Recently I came to an issue of needing to wait for an element to load. Selenium does have a WebdriverWait that will wait for an item to load. However it doesn’t have the capability of conditional logic, i.e. “selenium wait for element, if it’s not loaded after waiting expires, then do something else.” This is a assertion of selenium, in the end it’s a pass or fail.

In a case where you may have A/B testing going on, where 30% of the time, a different page loads… or where you have a 3rd party application that might not load correctly, you may need to find work arounds.

Note: In general, working around a failure, is not a good idea. It’s better to report the problem, so it can be corrected. However, in the real world, there are use cases, where we do need to work around random outages. Examples of this would be building bots for games (grey area automation), or in a better ethical scenario, you might be testing a phone call across multiple carriers, and one carrier is failing 1 out of 100 times. To flag that call as a fail, would likely be considered a false flag. While testing the carrier capabilities is good (and a separate test), to know if a call completes, it might be better to rerun the test on each fail.

In my case, I was using Appium on a form submit. My local environment was very slow, and sometimes it took over 45 seconds to get the form to submit to the database. Of course I let people know about it, in the hopes of resolution. In the meantime, I decided to build a work around.

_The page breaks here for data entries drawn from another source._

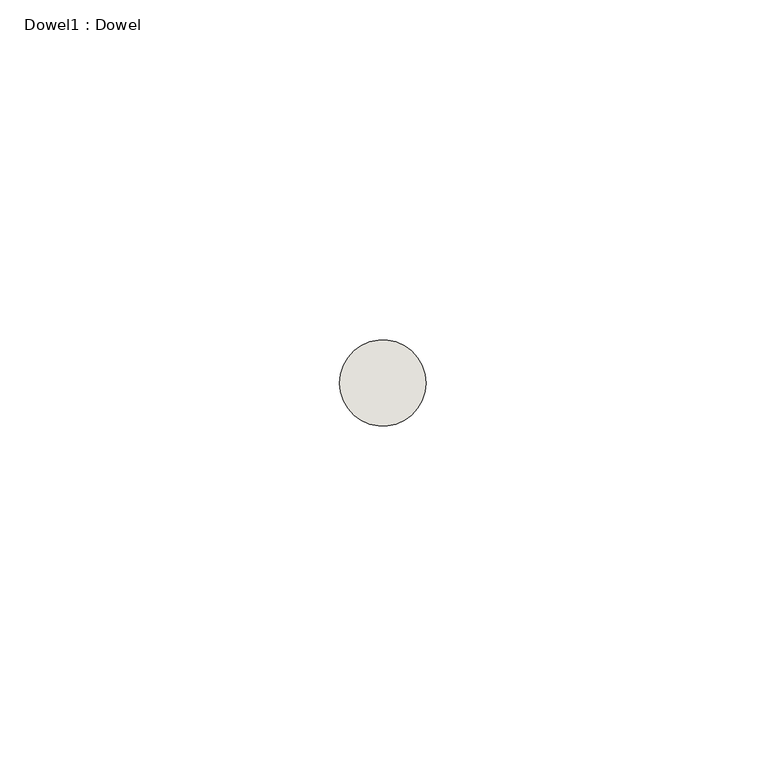
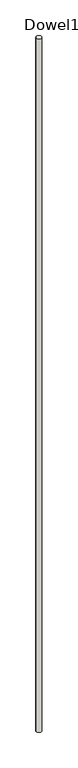
"""IFC4 building model written with IfcOpenShell, lengths in millimetres: wall geometry, Dowel1 : Dowel."""

from ifc_helpers import new_model, si_unit, point, frame, frame_2d, origin, place, context, project, spatial, circle_curve, trimmed, segment, composite_curve, outline, extrude, source, transform, mapped, element, save


def dowel1_dowel_b33121e9(model_context):
    return source(origin(), model_context, "Body", "SweptSolid", [
        extrude(outline(composite_curve([segment(trimmed(circle_curve(frame_2d((430101.375, 408.78125)), 6.35), [point((430095.025, 408.78125))], [point((430107.725, 408.78125))], False, "CARTESIAN"), True, "CONTINUOUS"), segment(trimmed(circle_curve(frame_2d((430101.375, 408.78125)), 6.35), [point((430107.725, 408.78125))], [point((430095.025, 408.78125))], False, "CARTESIAN"), True, "CONTINUOUS")], self_intersect=False)), frame((0.0, 0.0, 101.6), z_axis=(0.0, 0.0, 1.0), x_axis=(1.0, 0.0, 0.0)), (0.0, 0.0, 1.0), 1854.2),
    ])


if __name__ == "__main__":
    model = new_model("IFC4")
    model_context = context("Model", 3, world=origin())
    ifc_project = project(units=[si_unit("LENGTHUNIT", "METRE", prefix="MILLI")], contexts=[model_context])
    site = spatial("IfcSite", under=ifc_project)
    building = spatial("IfcBuilding", under=site)
    placement = place(None, origin())
    dowel1_dowel_shape = dowel1_dowel_b33121e9(model_context)
    element("IfcWall", 1, ObjectType="Dowel1 : Dowel", at=placement, inside=building, context=model_context, shape_type="MappedRepresentation", body=[
        mapped(dowel1_dowel_shape, transform((0.0, 0.0, 0.0), x_axis=(1.0, 0.0, 0.0), y_axis=(0.0, 1.0, 0.0), z_axis=(0.0, 0.0, 1.0))),
    ])
    save(model, "model.ifc")

# Revit data of these elements
# Element 1 (IfcWall, "Dowel1 : Dowel")
#   Materials on its faces: "6\" CMU WALL W/#4 VERT. BARS AT 32\" O.C. (TYP.)"
# Materials
#   "6\" CMU WALL W/#4 VERT. BARS AT 32\" O.C. (TYP.)": class "Generic", colour RGB 255 255 255, transparency 0, Cost = 0

Selenium can wait for an element, like so:

WebDriverWait(browser, 20).until(EC.presence_of_element_located((By.CSS_SELECTOR, ".thank_you"))).click()

This is an assertion. If after the specified time (20), the element still isn’t loaded, the test will fail the assertion and it will end. You may be able to finagle keeping the test running, but it’s not a clean way to handle conditional logic.

In my case I decided to use Regex, because Regex will allow me to wrap conditional logic around it… in other words, if something is there, continue on with the test, if it isn’t there, wait longer or do some other logic.

I gave an example as an answer on Stack Overflow. In my personal case, I used the following to keep waiting for an element, without invoking selenium:

import re
from appium import webdriver

# Setting up the driver and capabilities:
caps = {}
caps["deviceName"] = "emulator-5554"
caps["platformName"] = "android"
caps["browserName"] = "Chrome"
caps["chromedriverExecutable"] = "/Users/bwarner/webdrivers/chromedriver83"
driver = webdriver.Remote("http://127.0.0.1:4723/wd/hub", caps)

# Example code where something is submitted:
elem_reg_submit.click()
recursiveWait(driver, "Thank You!")
driver.get("https://....")

# Conditional wait example, using Regex:
def recursiveWait(driver, text):
    src = driver.page_source
    text_found = re.search(r'%s' % (text), src)
    print("checking for text on page...")
    if text_found:
        return
    else:
        print("not found. sleep 5 seconds")
        time.sleep(5)
        recursiveWait(driver, text)

In the case above, I have a case where I submit a form, then after getting to the Thank You page.

Since the submission of the form can take a random amount of time in the test env. waiting for an element to load may time out. In fact it may take so long the browser times out and redirects the user to the login page. In which case, I need conditional logic to address that.